Enter a valid email address that has never been registered with Mendeley. You
will get the following message:

    
    
      Oops, this email address was not found in our system.
    

But, if I enter the email I registered I get this message:

    
    
      Thank you. If we have been able to identify your account, an email containing instructions on how to reset your password will be sent to you.
    

I _don 't_ receive an email, but Mendeley password reset _can_ discriminate my
previously registered email from random valid email addresses.

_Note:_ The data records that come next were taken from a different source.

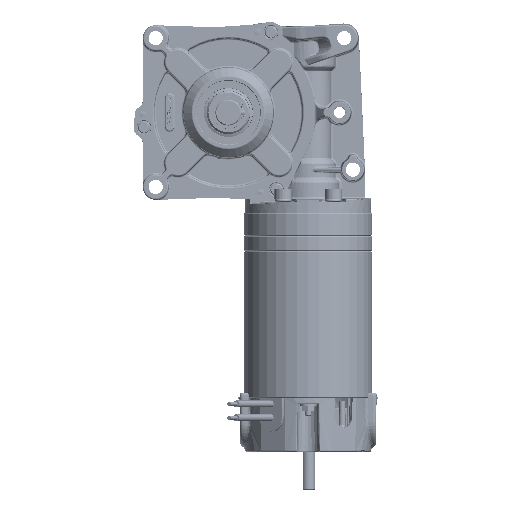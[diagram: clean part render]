
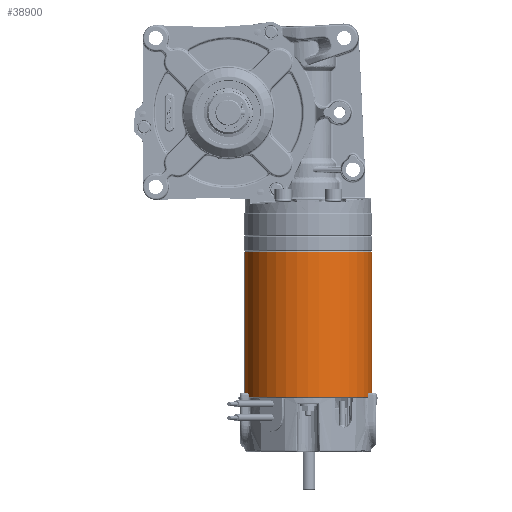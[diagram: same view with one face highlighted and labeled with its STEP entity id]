
A CAD part, left-side view. The second image highlights one B-rep face of the part: STEP entity #38900.
In plain terms, the highlighted cylindrical face has radius 37 mm (diameter 74 mm), a partial arc.
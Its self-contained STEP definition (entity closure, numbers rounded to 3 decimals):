
#6402 = CARTESIAN_POINT ( 'NONE',  ( -133.23, -23.847, 19.184 ) ) ;
#9200 = EDGE_CURVE ( 'NONE', #77179, #30645, #72391, .T. ) ;
#11239 = VERTEX_POINT ( 'NONE', #82834 ) ;
#22917 = EDGE_CURVE ( 'NONE', #11239, #30645, #70557, .T. ) ;
#25122 = DIRECTION ( 'NONE',  ( 0., 0., -1. ) ) ;
#30501 = EDGE_CURVE ( 'NONE', #77179, #141849, #79007, .T. ) ;
#30645 = VERTEX_POINT ( 'NONE', #88361 ) ;
#32174 = CARTESIAN_POINT ( 'NONE',  ( -133.23, -23.847, 19.684 ) ) ;
#38900 = ADVANCED_FACE ( 'NONE', ( #179541 ), #155743, .T. ) ;
#44771 = DIRECTION ( 'NONE',  ( 0., 0., -1. ) ) ;
#51679 = DIRECTION ( 'NONE',  ( 0., 0., -1. ) ) ;
#52121 = ORIENTED_EDGE ( 'NONE', *, *, #22917, .T. ) ;
#64474 = LINE ( 'NONE', #32174, #85450 ) ;
#70557 = CIRCLE ( 'NONE', #180845, 37. ) ;
#72391 = LINE ( 'NONE', #176045, #79124 ) ;
#76844 = CARTESIAN_POINT ( 'NONE',  ( -126.805, -60.285, -64.816 ) ) ;
#77179 = VERTEX_POINT ( 'NONE', #177706 ) ;
#79007 = CIRCLE ( 'NONE', #207743, 37. ) ;
#79124 = VECTOR ( 'NONE', #51679, 1000. ) ;
#80430 = CARTESIAN_POINT ( 'NONE',  ( -126.805, -60.285, 19.684 ) ) ;
#82834 = CARTESIAN_POINT ( 'NONE',  ( -133.23, -23.847, -64.816 ) ) ;
#85450 = VECTOR ( 'NONE', #102567, 1000. ) ;
#88361 = CARTESIAN_POINT ( 'NONE',  ( -120.38, -96.723, -64.816 ) ) ;
#96666 = CARTESIAN_POINT ( 'NONE',  ( -126.805, -60.285, 19.184 ) ) ;
#97590 = DIRECTION ( 'NONE',  ( 0.174, -0.985, 0. ) ) ;
#102567 = DIRECTION ( 'NONE',  ( 0., 0., -1. ) ) ;
#114928 = DIRECTION ( 'NONE',  ( 0., 0., 1. ) ) ;
#115112 = DIRECTION ( 'NONE',  ( 0.174, -0.985, 0. ) ) ;
#128457 = EDGE_CURVE ( 'NONE', #141849, #11239, #64474, .T. ) ;
#136132 = ORIENTED_EDGE ( 'NONE', *, *, #128457, .T. ) ;
#141849 = VERTEX_POINT ( 'NONE', #6402 ) ;
#155743 = CYLINDRICAL_SURFACE ( 'NONE', #196943, 37. ) ;
#158135 = ORIENTED_EDGE ( 'NONE', *, *, #30501, .T. ) ;
#163449 = DIRECTION ( 'NONE',  ( 0.174, -0.985, 0. ) ) ;
#176045 = CARTESIAN_POINT ( 'NONE',  ( -120.38, -96.723, 19.684 ) ) ;
#177706 = CARTESIAN_POINT ( 'NONE',  ( -120.38, -96.723, 19.184 ) ) ;
#179541 = FACE_OUTER_BOUND ( 'NONE', #206861, .T. ) ;
#180165 = ORIENTED_EDGE ( 'NONE', *, *, #9200, .F. ) ;
#180845 = AXIS2_PLACEMENT_3D ( 'NONE', #76844, #114928, #97590 ) ;
#196943 = AXIS2_PLACEMENT_3D ( 'NONE', #80430, #25122, #115112 ) ;
#206861 = EDGE_LOOP ( 'NONE', ( #158135, #136132, #52121, #180165 ) ) ;
#207743 = AXIS2_PLACEMENT_3D ( 'NONE', #96666, #44771, #163449 ) ;
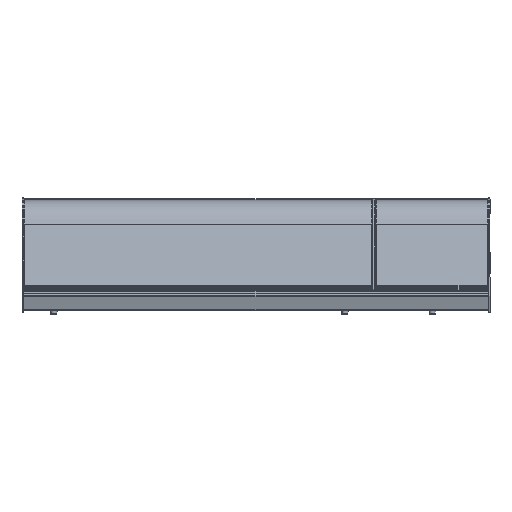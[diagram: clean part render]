
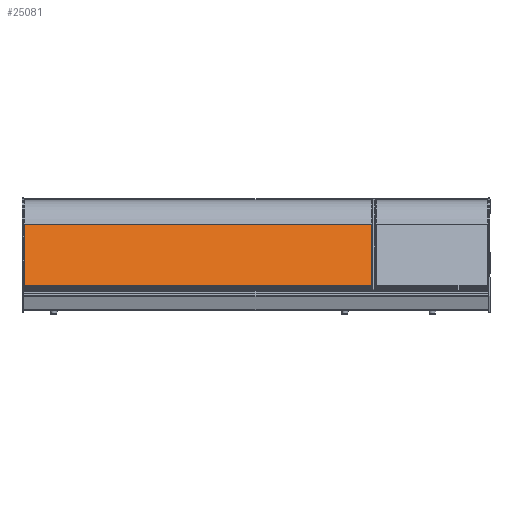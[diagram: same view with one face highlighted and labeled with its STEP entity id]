
A CAD part, left-side view. The second image highlights one B-rep face of the part: STEP entity #25081.
In plain terms, the highlighted planar face has unit normal (-0.966, 0, 0.259) as drawn and (0.259, 0, 0.966) by its records, which use the part's own axes.
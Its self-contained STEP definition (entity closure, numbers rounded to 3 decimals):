
#3798=ORIENTED_EDGE('',*,*,#9628,.T.);
#3799=ORIENTED_EDGE('',*,*,#9630,.T.);
#3800=ORIENTED_EDGE('',*,*,#9631,.T.);
#3801=ORIENTED_EDGE('',*,*,#9632,.T.);
#9628=EDGE_CURVE('',#12767,#12766,#15196,.T.);
#9630=EDGE_CURVE('',#12766,#12768,#15197,.T.);
#9631=EDGE_CURVE('',#12768,#12769,#15198,.T.);
#9632=EDGE_CURVE('',#12769,#12767,#15199,.T.);
#12766=VERTEX_POINT('',#37870);
#12767=VERTEX_POINT('',#37872);
#12768=VERTEX_POINT('',#37876);
#12769=VERTEX_POINT('',#37878);
#15196=LINE('',#37871,#18159);
#15197=LINE('',#37875,#18160);
#15198=LINE('',#37877,#18161);
#15199=LINE('',#37879,#18162);
#18159=VECTOR('',#30915,1000.);
#18160=VECTOR('',#30920,1000.);
#18161=VECTOR('',#30921,1000.);
#18162=VECTOR('',#30922,1000.);
#20781=EDGE_LOOP('',(#3798,#3799,#3800,#3801));
#22512=FACE_BOUND('',#20781,.T.);
#23932=PLANE('',#27313);
#25081=ADVANCED_FACE('',(#22512),#23932,.F.);
#27313=AXIS2_PLACEMENT_3D('',#37874,#30918,#30919);
#30915=DIRECTION('',(0.,1.,0.));
#30918=DIRECTION('',(-0.259,0.,-0.966));
#30919=DIRECTION('',(-0.966,0.,0.259));
#30920=DIRECTION('',(-0.966,0.,0.259));
#30921=DIRECTION('',(0.,-1.,0.));
#30922=DIRECTION('',(0.966,0.,-0.259));
#37870=CARTESIAN_POINT('',(200.588,537.,-53.747));
#37871=CARTESIAN_POINT('',(200.588,-538.,-53.747));
#37872=CARTESIAN_POINT('',(200.588,-537.,-53.747));
#37874=CARTESIAN_POINT('',(200.588,-538.,-53.747));
#37875=CARTESIAN_POINT('',(200.588,537.,-53.747));
#37876=CARTESIAN_POINT('',(0.966,537.,-0.259));
#37877=CARTESIAN_POINT('',(0.966,-538.,-0.259));
#37878=CARTESIAN_POINT('',(0.966,-537.,-0.259));
#37879=CARTESIAN_POINT('',(200.588,-537.,-53.747));
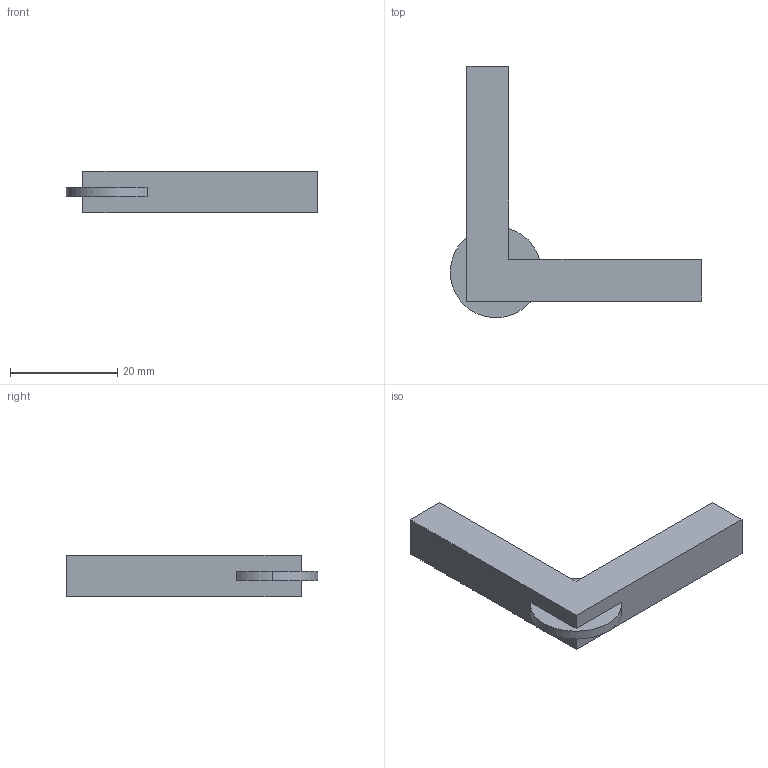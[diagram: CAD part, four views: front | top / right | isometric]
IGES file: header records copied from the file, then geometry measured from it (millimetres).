
Start section: Data from Parasolid IGES Translator 20.0.26, Copyright(c) 2006 Siemens P LM Software. All Rights Reserved.
Global section: file name: 9298861.igs; native system: By Siemens PLM Incorporated; preprocessor: XPlus GENERIC/IGES 20.0.26; author: Noname; organization: Noname; date: 20210825.123613; units: millimetre
Bounding box: 46.9 x 46.88 x 7.8 mm (x, y, z)
Surface area: 2770.3 mm2 (no closed solid volume)
Topology: 0 solids, 0 shells, 15 faces, 78 edges, 78 vertices
Faces by surface type: extrusion 12, revolution 3
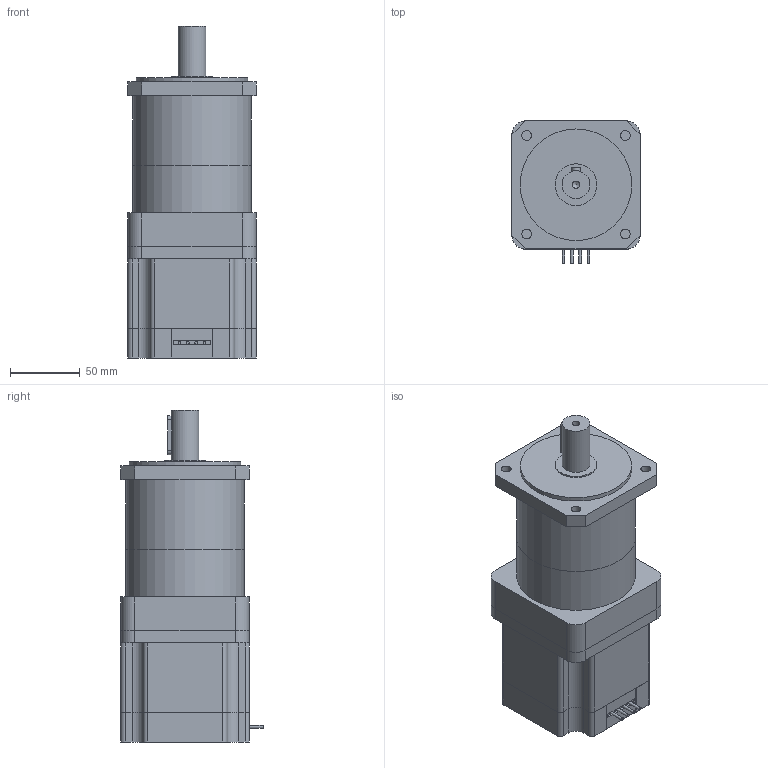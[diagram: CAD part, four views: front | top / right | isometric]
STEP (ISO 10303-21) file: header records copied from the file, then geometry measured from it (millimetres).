
FILE_DESCRIPTION(/* description */ (''),/* implementation_level */ '2;1');
FILE_NAME(/* name */ '86PG008-D44-0480.stp',/* time_stamp */ '2018-08-27T08:51:10+08:00',/* author */ (''),/* organization */ (''),/* preprocessor_version */ 'ST-DEVELOPER v11',/* originating_system */ 'SIEMENS UGS NX 6.0',/* authorisation */ '');
FILE_SCHEMA (('CONFIG_CONTROL_DESIGN'));
Length unit declared in the file: millimetre
Products named in the file (1): 86PG003-D44-0480
Bounding box: 92 x 102 x 238 mm (x, y, z)
Volume: 1392305.1 mm3; surface area: 157728.8 mm2
Topology: 6 solids, 6 shells, 121 faces, 301 edges, 202 vertices
Faces by surface type: plane 72, cylinder 48, cone 1
Full cylindrical faces by diameter (mm): 2 x4, 5.3 x1, 7 x4, 20 x1, 30 x1, 80 x1, 85 x2
Entity records: 3644 total; most frequent: CARTESIAN_POINT 659, DIRECTION 616, ORIENTED_EDGE 560, EDGE_CURVE 280, AXIS2_PLACEMENT_3D 216, VERTEX_POINT 197, LINE 184, VECTOR 184

That would be
impossible if that registered email was only known to third parties.

Why would that be?

Look what I wrote at point 1.

    
    
      1. 2017-06-07: Mendeley <mendeley@mail.elsevier.com> me "We have deleted your Mendeley profile and data, to delete your full Elsevier account, please email usinfo@elsevier.com"
    

So my Mendeley profile and data has gone, and Mendeley have deleted my data
from _Mendeley_ servers but it looks to me as though there is a central
_Elsevier_ server that still knows my email address.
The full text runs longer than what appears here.